The second offering worth checking out is Listen.com’s Rhapsody service. Rhapsody is a stream-only service-it doesn’t allow downloading per se. Upon realizing that its customers were clamoring for portability for their music, the company recently instituted a CD burning program and allows consumers to burn a CD with songs from its service for 99 cents per song. Unlike the other major label services, which allow “tethered” downloads that disappear if your subscription payment lapses, Listen.com’s burning service skips the download and goes directly to the burner. Of course, users can later rip the songs from the CD and turn them into unrestricted MP3 files.
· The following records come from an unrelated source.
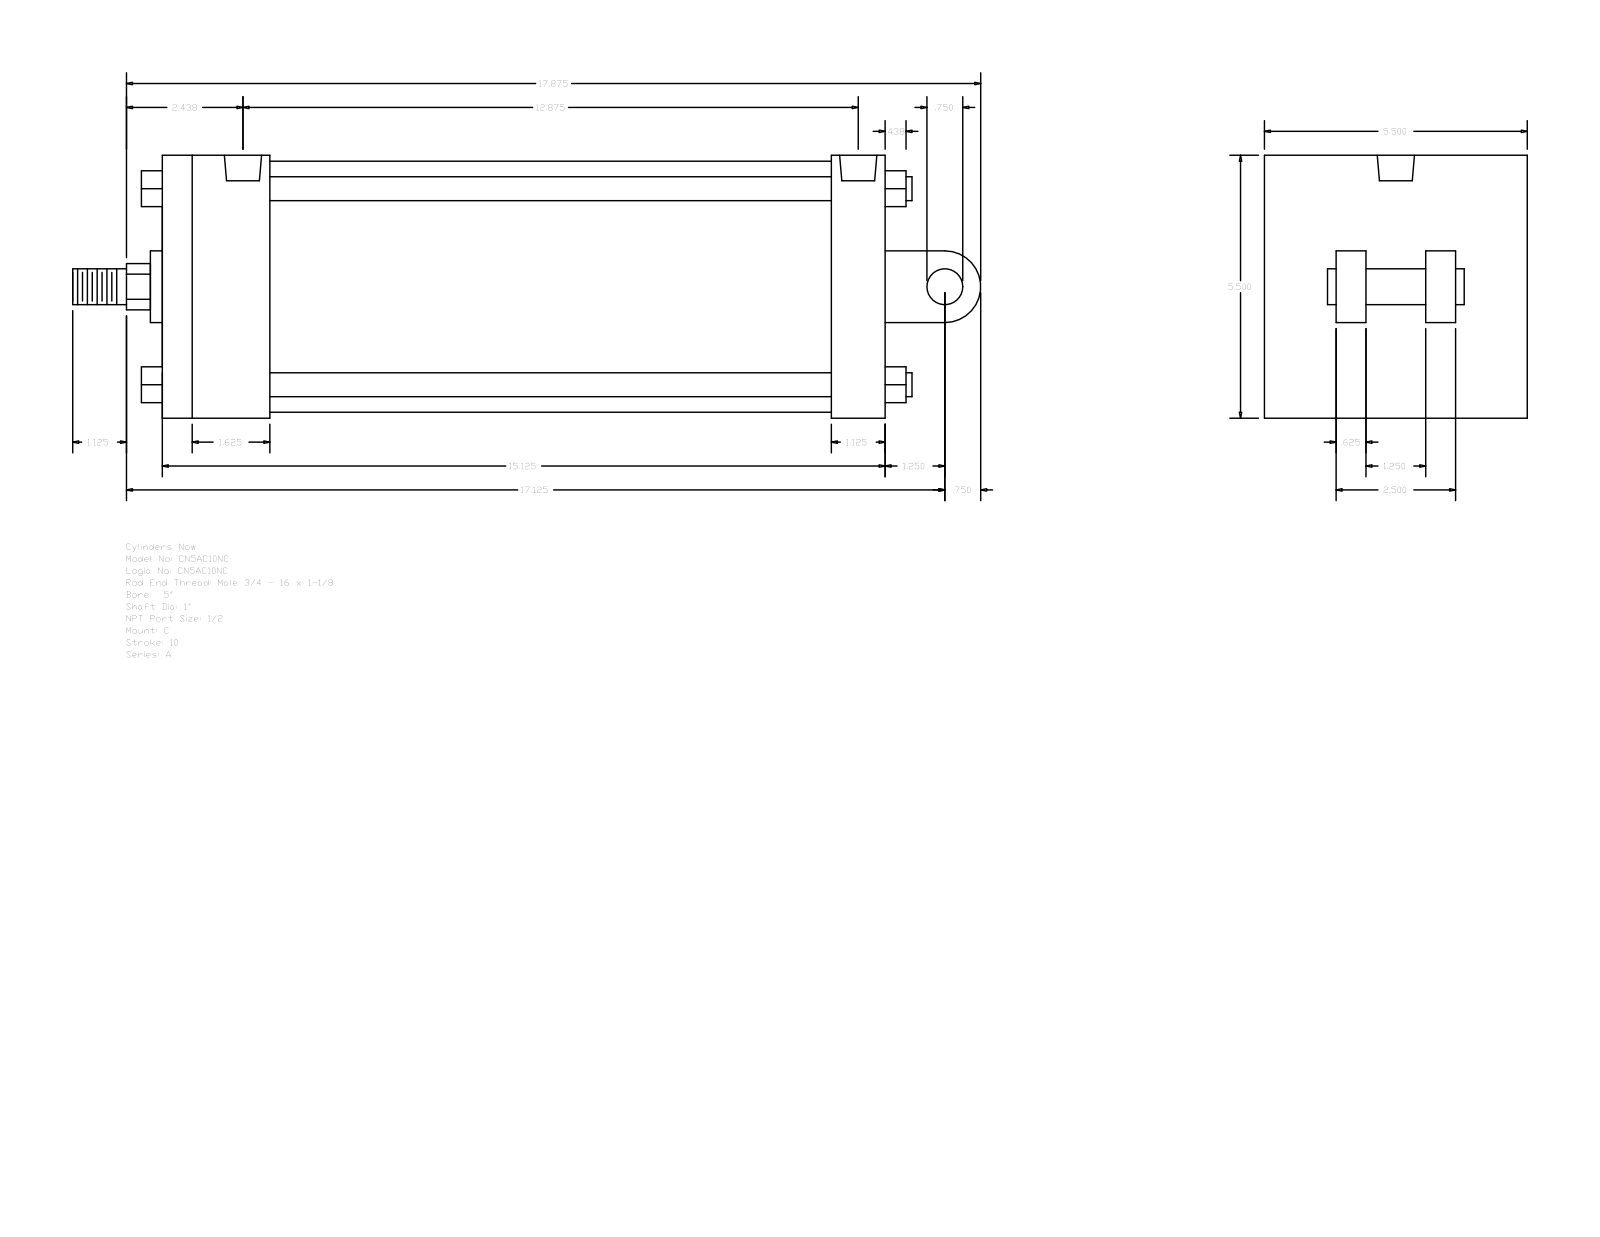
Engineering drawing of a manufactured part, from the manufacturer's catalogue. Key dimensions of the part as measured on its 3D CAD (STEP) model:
Part name (STEP PRODUCT): A_C__0500_1
STEP written by: GSSL Pune (CONFIG_CONTROL_DESIGN)
Units: millimetres
Bodies: 0 solids, 135 faces (102 planar, 33 cylindrical, 0 other)
Overall size (bounding box): 482.6 × 139.7 × 139.7
Round holes (diameter × count): ⌀8.73 ×4, ⌀19.77 ×2
Round bosses / shafts (diameter × count): ⌀12.7 ×4, ⌀19.05 ×2, ⌀133.35 ×1, ⌀38.1 ×1, ⌀25.4 ×1
Partial cylindrical surfaces — rounded edges, fillets, slot ends (radius × count): R12.29 ×1, R19.05 ×1
Main face-to-face distances: 139.7, 384.18, 57.15, 355.6, 298.45, 327.03, 28.58, 38.1, 101.6, 53.97
Hole centre spacings: 2.39, 322.25, 324.64, 327.03

The company has deals with all the major labels and a number of independent companies, and it’s gambling that in a broadband environment, users don’t need to download songs: with high-speed connections that are always on, the broadband service acts almost like a radio with deep station selection.
Despite the slim catalogs of the major-label subscription services-decidedly meager compared with the scores of peer-to-peer offerings-Internet jukeboxes could still prove a successful enterprise. “The music labels are too apprehensive right now,” says Leigh, noting that the industry’s number one concern is stemming the losses in their CD divisions. “After this transition period though, the labels will look back and realize the celestial jukebox will have been their salvation.”